EXERCISE DATA -
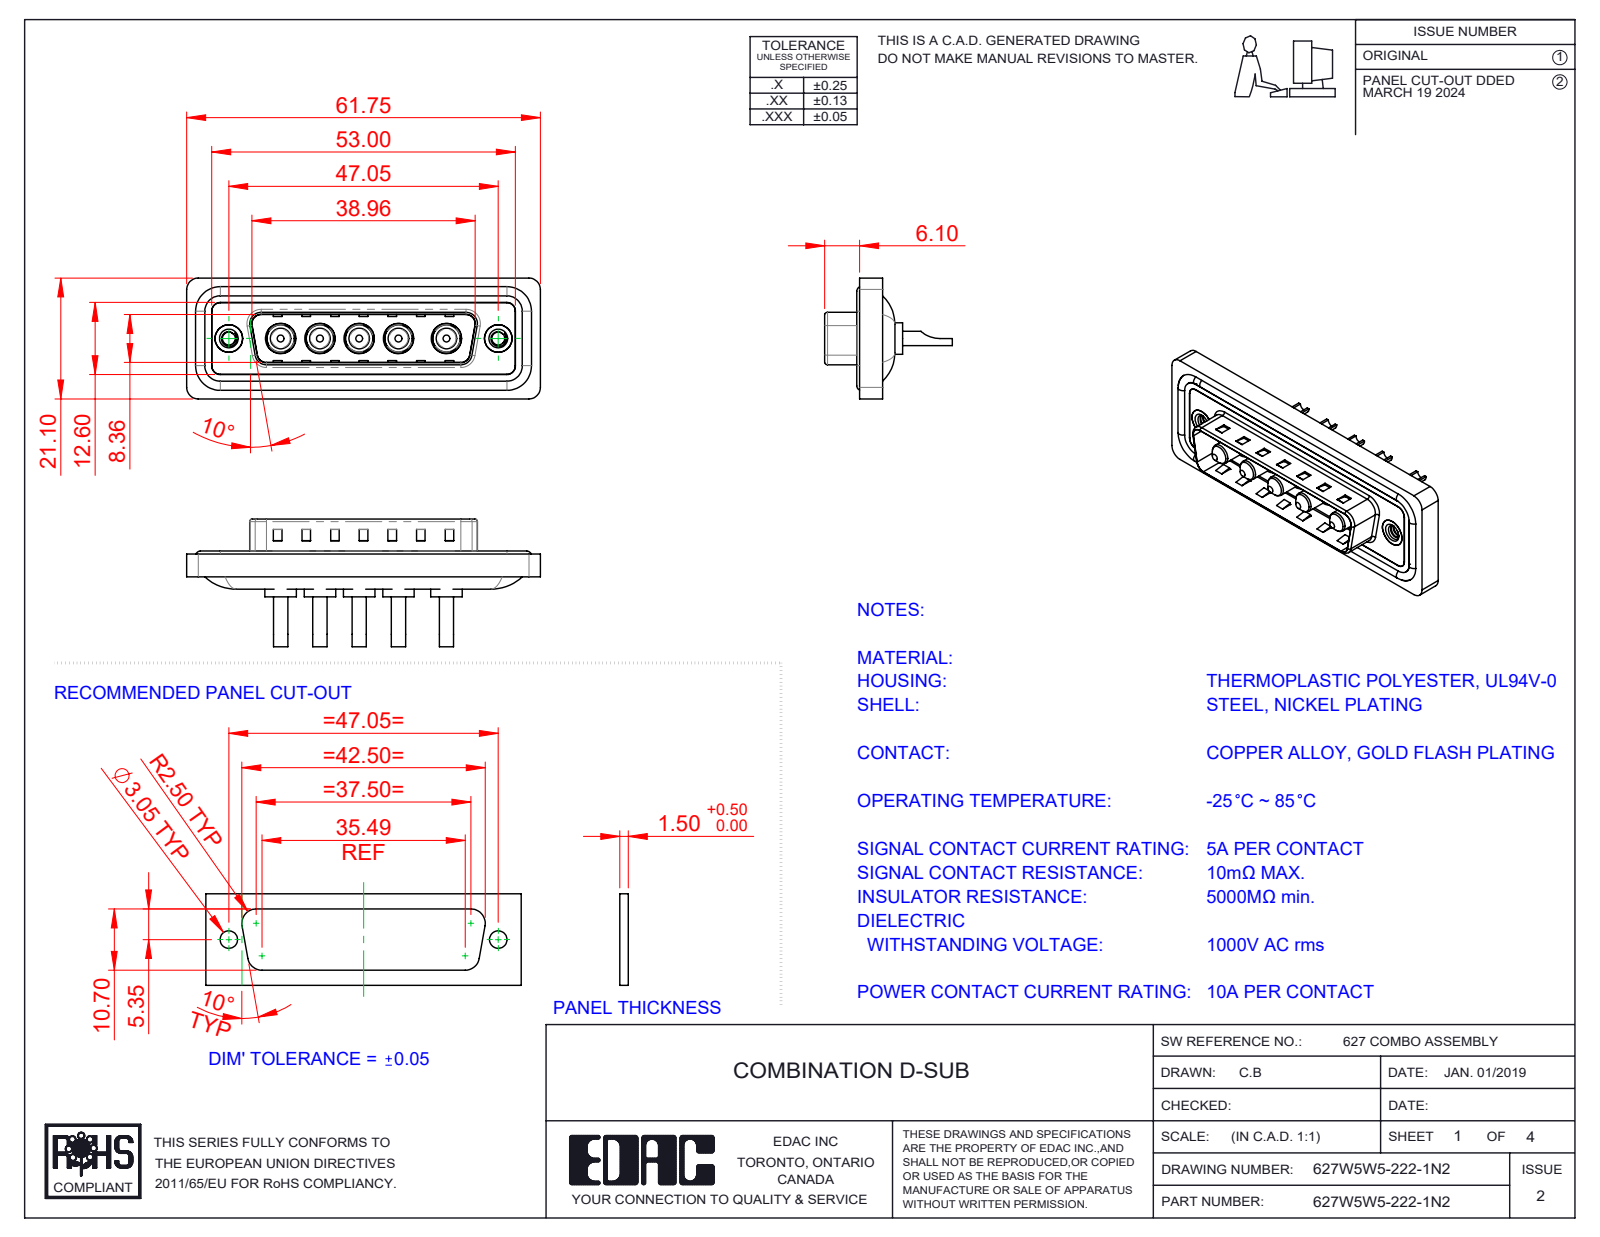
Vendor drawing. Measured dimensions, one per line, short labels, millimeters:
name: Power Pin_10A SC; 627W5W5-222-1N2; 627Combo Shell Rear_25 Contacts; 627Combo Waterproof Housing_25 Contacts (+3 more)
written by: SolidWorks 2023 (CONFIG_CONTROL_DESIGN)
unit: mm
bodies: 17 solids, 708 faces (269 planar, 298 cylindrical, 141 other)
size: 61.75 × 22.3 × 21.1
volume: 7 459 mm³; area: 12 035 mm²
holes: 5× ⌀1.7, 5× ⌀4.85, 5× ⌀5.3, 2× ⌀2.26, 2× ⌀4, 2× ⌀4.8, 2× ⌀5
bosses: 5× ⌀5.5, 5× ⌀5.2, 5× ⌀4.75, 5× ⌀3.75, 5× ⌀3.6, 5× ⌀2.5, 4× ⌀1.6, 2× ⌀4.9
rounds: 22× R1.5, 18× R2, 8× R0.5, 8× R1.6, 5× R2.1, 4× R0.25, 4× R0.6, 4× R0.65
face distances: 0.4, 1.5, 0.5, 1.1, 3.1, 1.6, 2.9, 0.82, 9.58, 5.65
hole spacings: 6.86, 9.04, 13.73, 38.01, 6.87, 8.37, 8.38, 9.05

WORK TO COMPLETE -
Since the copy must contain no pictures, return only the text of the records, exactly as it stands.

RESPONSE -
Vendor drawing. Measured dimensions, one per line, short labels, millimeters:
name: Power Pin_10A SC; 627W5W5-222-1N2; 627Combo Shell Rear_25 Contacts; 627Combo Waterproof Housing_25 Contacts (+3 more)
written by: SolidWorks 2023 (CONFIG_CONTROL_DESIGN)
unit: mm
bodies: 17 solids, 708 faces (269 planar, 298 cylindrical, 141 other)
size: 61.75 × 22.3 × 21.1
volume: 7 459 mm³; area: 12 035 mm²
holes: 5× ⌀1.7, 5× ⌀4.85, 5× ⌀5.3, 2× ⌀2.26, 2× ⌀4, 2× ⌀4.8, 2× ⌀5
bosses: 5× ⌀5.5, 5× ⌀5.2, 5× ⌀4.75, 5× ⌀3.75, 5× ⌀3.6, 5× ⌀2.5, 4× ⌀1.6, 2× ⌀4.9
rounds: 22× R1.5, 18× R2, 8× R0.5, 8× R1.6, 5× R2.1, 4× R0.25, 4× R0.6, 4× R0.65
face distances: 0.4, 1.5, 0.5, 1.1, 3.1, 1.6, 2.9, 0.82, 9.58, 5.65
hole spacings: 6.86, 9.04, 13.73, 38.01, 6.87, 8.37, 8.38, 9.05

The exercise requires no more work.